Which obviously hadn’t happened.

“I do remember it being quite enjoyable,” he said. “It was on the property of the local school. The one that housed the orphans’ barracks where I lived. I always spent a lot of time outdoors. Whenever I was not engaged in school chores, lessons, or participating in Choosing Day.”

“What’s Choosing Day?”

“It was a day, every few cycles, when wealthy Zabrians who wanted children – or more children than they already had – would visit the barracks to potentially choose one of the orphans to bring home.”

My insides twisted.

I didn’t need to ask Rivven if he’d ever gotten chosen.

He went straight from the orphans’ barracks to this exile colony.

And it made me so fucking mad.

Who could look at him, with all his stores of quiet goodness, and not choose him?

Would his life have been different if somebody had? He might never have ended up in whatever situation had sent him here.

A situation I knew nothing about.

“How did you get here, Rivven?” I let the question tumble out before I could swallow it down. He’d told me before that I could ask him anything. And that he’d always give me the truth. “What was your conviction for?”

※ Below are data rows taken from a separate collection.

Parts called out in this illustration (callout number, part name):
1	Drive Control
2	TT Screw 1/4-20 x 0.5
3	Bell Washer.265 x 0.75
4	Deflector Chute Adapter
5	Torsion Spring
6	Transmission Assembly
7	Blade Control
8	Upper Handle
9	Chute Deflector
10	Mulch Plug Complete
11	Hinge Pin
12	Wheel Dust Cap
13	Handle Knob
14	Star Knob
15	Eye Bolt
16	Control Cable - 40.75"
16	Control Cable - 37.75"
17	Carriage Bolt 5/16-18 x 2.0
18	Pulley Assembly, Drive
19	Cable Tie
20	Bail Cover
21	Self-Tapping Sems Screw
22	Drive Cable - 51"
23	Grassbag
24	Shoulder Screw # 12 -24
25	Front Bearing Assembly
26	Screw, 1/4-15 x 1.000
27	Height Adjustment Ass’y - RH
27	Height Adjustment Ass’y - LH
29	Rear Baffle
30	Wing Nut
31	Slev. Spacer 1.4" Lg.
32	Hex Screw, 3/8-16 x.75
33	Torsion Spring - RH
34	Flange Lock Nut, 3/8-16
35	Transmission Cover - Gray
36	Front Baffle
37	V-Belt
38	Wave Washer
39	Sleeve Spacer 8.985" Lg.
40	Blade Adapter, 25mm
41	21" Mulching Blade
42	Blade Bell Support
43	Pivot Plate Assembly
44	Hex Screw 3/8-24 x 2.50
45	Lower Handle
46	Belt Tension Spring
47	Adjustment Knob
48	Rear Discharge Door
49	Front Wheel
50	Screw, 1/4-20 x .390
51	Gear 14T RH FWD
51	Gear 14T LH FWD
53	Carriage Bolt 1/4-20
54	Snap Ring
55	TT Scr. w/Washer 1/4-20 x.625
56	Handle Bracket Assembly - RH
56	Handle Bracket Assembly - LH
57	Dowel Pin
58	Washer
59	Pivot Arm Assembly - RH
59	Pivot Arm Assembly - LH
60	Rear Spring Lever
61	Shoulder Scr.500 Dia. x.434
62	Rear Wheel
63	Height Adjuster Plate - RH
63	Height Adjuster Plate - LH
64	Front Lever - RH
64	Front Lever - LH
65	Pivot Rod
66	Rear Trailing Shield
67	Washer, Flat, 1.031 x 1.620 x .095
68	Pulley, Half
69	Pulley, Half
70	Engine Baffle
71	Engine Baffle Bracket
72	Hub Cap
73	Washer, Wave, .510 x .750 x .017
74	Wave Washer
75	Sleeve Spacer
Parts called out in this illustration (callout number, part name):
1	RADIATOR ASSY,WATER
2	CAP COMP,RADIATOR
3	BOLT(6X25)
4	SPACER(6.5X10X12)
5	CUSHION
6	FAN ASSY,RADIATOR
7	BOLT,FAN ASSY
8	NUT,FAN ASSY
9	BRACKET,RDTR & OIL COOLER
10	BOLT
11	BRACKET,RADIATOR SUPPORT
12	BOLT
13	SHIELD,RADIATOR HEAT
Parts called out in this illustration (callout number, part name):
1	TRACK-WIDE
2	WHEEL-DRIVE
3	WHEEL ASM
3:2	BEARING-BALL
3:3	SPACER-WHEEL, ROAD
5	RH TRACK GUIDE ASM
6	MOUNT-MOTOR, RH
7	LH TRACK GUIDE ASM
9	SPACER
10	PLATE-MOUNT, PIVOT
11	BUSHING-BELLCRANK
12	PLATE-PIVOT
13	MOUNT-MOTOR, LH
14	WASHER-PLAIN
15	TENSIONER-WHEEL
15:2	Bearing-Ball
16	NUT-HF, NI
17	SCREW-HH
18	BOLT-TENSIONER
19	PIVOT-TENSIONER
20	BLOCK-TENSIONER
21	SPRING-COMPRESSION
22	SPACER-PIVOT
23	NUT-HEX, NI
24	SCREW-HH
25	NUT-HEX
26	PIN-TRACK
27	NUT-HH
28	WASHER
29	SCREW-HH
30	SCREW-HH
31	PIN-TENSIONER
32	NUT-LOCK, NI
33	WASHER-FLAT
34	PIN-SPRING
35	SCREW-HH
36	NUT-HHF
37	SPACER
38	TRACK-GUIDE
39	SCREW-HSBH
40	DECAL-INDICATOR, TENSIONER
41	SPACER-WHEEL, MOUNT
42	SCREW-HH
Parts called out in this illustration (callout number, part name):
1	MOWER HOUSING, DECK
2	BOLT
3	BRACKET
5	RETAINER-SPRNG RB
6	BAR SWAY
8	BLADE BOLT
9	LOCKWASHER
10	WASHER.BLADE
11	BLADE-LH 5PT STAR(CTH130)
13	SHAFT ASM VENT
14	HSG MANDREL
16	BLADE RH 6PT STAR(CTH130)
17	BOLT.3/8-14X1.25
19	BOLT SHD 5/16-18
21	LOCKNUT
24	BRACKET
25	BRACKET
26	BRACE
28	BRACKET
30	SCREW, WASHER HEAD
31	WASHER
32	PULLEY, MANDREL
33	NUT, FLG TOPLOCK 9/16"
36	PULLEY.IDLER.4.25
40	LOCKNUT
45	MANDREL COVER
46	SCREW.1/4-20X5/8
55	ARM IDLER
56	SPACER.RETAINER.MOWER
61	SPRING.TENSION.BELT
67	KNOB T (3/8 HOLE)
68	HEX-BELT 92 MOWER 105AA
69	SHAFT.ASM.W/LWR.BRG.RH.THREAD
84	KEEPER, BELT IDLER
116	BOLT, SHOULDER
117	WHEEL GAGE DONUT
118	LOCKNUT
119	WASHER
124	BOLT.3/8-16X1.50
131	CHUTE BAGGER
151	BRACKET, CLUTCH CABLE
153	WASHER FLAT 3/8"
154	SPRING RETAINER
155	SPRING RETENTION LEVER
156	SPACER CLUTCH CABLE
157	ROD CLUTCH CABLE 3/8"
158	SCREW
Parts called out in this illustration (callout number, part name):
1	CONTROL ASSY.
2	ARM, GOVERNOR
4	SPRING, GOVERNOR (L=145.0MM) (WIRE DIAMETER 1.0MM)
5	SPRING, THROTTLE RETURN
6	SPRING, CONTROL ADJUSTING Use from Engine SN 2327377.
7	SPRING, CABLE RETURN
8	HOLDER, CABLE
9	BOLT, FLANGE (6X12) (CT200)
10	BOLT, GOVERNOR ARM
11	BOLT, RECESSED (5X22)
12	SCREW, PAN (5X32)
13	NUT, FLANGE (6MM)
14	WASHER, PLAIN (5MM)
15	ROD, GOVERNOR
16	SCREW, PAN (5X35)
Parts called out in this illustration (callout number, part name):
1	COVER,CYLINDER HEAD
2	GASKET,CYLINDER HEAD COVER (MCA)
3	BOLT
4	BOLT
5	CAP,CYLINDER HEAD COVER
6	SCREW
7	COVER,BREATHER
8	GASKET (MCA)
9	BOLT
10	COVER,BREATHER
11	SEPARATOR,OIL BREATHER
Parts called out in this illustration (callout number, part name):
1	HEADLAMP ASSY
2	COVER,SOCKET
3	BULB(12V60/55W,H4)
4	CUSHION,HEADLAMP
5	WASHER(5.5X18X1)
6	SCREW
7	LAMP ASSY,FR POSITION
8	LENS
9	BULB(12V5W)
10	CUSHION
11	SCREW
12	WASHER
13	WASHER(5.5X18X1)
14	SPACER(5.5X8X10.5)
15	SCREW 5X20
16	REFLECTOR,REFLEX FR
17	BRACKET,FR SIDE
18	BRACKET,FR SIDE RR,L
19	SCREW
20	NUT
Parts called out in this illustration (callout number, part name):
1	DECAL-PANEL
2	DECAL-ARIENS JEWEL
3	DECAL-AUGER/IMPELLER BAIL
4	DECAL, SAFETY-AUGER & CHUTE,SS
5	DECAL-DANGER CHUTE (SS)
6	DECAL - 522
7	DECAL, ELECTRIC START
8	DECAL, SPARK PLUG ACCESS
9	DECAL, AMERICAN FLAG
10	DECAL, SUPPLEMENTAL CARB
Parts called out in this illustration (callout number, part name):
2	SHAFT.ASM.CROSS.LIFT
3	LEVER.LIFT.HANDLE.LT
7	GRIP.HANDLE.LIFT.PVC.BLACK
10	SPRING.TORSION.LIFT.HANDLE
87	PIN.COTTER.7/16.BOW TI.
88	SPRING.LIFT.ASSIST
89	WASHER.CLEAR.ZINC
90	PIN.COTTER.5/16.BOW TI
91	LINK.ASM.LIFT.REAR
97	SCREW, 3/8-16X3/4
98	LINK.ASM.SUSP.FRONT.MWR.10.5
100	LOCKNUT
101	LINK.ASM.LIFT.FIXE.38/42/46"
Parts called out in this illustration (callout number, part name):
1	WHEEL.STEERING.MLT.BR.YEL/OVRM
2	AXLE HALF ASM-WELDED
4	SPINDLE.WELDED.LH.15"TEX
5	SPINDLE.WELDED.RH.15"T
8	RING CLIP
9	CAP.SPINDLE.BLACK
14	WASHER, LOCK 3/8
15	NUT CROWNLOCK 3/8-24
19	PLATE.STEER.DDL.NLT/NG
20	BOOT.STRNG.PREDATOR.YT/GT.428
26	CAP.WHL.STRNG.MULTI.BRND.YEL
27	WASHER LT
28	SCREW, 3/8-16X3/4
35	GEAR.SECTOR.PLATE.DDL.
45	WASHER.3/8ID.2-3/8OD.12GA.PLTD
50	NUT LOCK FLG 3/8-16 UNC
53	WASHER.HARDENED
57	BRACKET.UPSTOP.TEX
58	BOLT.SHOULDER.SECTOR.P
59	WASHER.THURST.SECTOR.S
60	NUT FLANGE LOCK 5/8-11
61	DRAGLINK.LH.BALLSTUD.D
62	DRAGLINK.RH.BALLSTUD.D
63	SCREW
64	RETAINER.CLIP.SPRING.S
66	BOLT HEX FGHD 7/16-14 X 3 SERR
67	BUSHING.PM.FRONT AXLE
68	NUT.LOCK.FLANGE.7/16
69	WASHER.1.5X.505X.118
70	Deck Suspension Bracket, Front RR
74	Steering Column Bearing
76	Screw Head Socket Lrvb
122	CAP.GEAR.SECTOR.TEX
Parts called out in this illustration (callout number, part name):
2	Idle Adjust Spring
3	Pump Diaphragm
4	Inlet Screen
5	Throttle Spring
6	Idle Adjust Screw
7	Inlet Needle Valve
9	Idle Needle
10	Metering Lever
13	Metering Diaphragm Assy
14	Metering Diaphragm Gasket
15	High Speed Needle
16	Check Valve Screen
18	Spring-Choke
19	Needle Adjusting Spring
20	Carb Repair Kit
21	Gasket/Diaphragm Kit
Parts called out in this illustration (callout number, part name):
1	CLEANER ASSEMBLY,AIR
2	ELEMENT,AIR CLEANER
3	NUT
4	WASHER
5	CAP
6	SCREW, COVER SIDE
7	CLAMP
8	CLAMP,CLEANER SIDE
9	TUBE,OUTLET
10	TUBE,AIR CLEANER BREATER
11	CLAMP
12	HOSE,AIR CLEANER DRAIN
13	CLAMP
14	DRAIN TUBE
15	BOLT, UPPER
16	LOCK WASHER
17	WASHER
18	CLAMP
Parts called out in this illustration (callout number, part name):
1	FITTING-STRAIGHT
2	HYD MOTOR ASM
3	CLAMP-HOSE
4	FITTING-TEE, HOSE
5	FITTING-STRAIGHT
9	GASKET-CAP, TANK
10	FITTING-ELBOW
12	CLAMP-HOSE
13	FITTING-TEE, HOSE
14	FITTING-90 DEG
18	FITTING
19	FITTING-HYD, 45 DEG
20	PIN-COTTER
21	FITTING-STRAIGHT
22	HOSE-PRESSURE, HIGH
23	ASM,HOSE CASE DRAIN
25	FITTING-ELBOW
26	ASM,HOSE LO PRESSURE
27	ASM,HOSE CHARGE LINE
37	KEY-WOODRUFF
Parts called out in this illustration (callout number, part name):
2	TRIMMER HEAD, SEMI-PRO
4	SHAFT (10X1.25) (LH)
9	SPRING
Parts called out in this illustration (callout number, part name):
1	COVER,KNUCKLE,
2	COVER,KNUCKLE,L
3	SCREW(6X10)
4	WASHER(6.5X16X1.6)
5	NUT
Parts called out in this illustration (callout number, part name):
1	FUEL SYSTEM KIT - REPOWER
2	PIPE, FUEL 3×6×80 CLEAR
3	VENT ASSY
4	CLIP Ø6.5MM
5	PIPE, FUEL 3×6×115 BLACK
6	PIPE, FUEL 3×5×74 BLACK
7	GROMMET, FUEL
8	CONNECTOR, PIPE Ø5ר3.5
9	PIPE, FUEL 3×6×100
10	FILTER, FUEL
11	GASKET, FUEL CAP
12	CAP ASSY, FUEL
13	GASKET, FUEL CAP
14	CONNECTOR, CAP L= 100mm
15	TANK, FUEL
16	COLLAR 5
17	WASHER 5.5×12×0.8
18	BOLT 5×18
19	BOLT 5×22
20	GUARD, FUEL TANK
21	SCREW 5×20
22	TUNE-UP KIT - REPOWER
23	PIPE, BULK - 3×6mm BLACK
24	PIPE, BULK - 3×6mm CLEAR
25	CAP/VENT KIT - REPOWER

I stared straight ahead, wondering if this conversation might be easier if we weren’t looking into each other’s eyes. When he didn’t answer right away, I placed my hands on his forearms and gave a gentle squeeze.

“When the director of the school died,” Rivven began, “his brother assumed responsibility of the institution. He…He was not a good man. Not like his late brother. After reviewing the schools financial accounts, he declared that the orphans in the barracks would replace the janitorial staff. We would not be paid directly. Our labour would be put towards our room and board.”